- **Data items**
• • • •
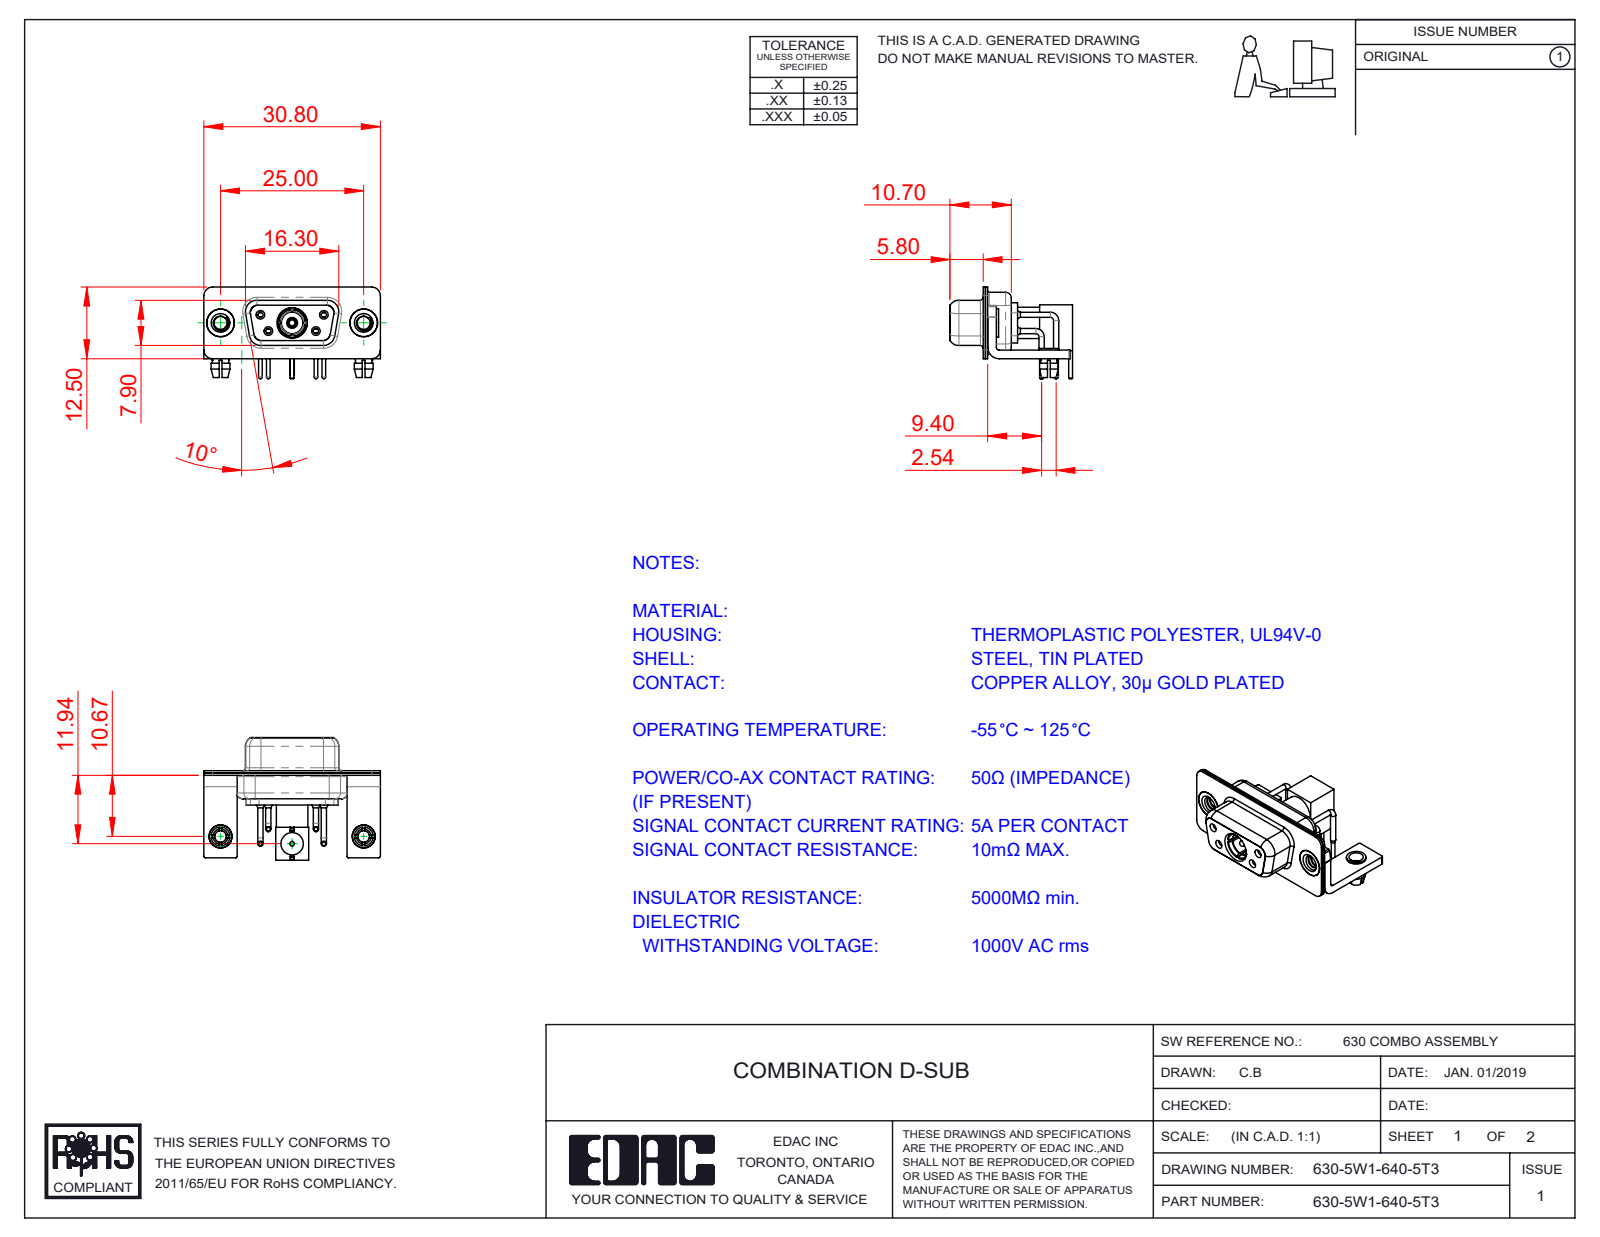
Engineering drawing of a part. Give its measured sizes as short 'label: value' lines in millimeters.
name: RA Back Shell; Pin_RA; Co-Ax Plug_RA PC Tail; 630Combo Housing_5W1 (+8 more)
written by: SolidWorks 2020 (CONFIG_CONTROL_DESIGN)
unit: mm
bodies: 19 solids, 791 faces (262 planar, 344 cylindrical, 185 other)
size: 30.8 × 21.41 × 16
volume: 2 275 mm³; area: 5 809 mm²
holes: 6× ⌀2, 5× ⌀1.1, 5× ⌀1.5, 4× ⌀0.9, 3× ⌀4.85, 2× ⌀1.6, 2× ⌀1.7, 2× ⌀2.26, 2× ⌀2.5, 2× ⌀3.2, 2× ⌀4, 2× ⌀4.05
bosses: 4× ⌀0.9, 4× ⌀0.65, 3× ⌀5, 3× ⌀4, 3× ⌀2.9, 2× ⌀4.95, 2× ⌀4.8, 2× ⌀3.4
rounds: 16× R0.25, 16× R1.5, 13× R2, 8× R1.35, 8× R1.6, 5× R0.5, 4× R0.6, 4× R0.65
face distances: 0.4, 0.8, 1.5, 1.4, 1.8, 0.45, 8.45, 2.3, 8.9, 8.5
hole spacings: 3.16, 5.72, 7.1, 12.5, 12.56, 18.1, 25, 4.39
• • • •
Copy all the records above exactly, but leave out the pictures.

- **The answer**
Engineering drawing of a part. Give its measured sizes as short 'label: value' lines in millimeters.
name: RA Back Shell; Pin_RA; Co-Ax Plug_RA PC Tail; 630Combo Housing_5W1 (+8 more)
written by: SolidWorks 2020 (CONFIG_CONTROL_DESIGN)
unit: mm
bodies: 19 solids, 791 faces (262 planar, 344 cylindrical, 185 other)
size: 30.8 × 21.41 × 16
volume: 2 275 mm³; area: 5 809 mm²
holes: 6× ⌀2, 5× ⌀1.1, 5× ⌀1.5, 4× ⌀0.9, 3× ⌀4.85, 2× ⌀1.6, 2× ⌀1.7, 2× ⌀2.26, 2× ⌀2.5, 2× ⌀3.2, 2× ⌀4, 2× ⌀4.05
bosses: 4× ⌀0.9, 4× ⌀0.65, 3× ⌀5, 3× ⌀4, 3× ⌀2.9, 2× ⌀4.95, 2× ⌀4.8, 2× ⌀3.4
rounds: 16× R0.25, 16× R1.5, 13× R2, 8× R1.35, 8× R1.6, 5× R0.5, 4× R0.6, 4× R0.65
face distances: 0.4, 0.8, 1.5, 1.4, 1.8, 0.45, 8.45, 2.3, 8.9, 8.5
hole spacings: 3.16, 5.72, 7.1, 12.5, 12.56, 18.1, 25, 4.39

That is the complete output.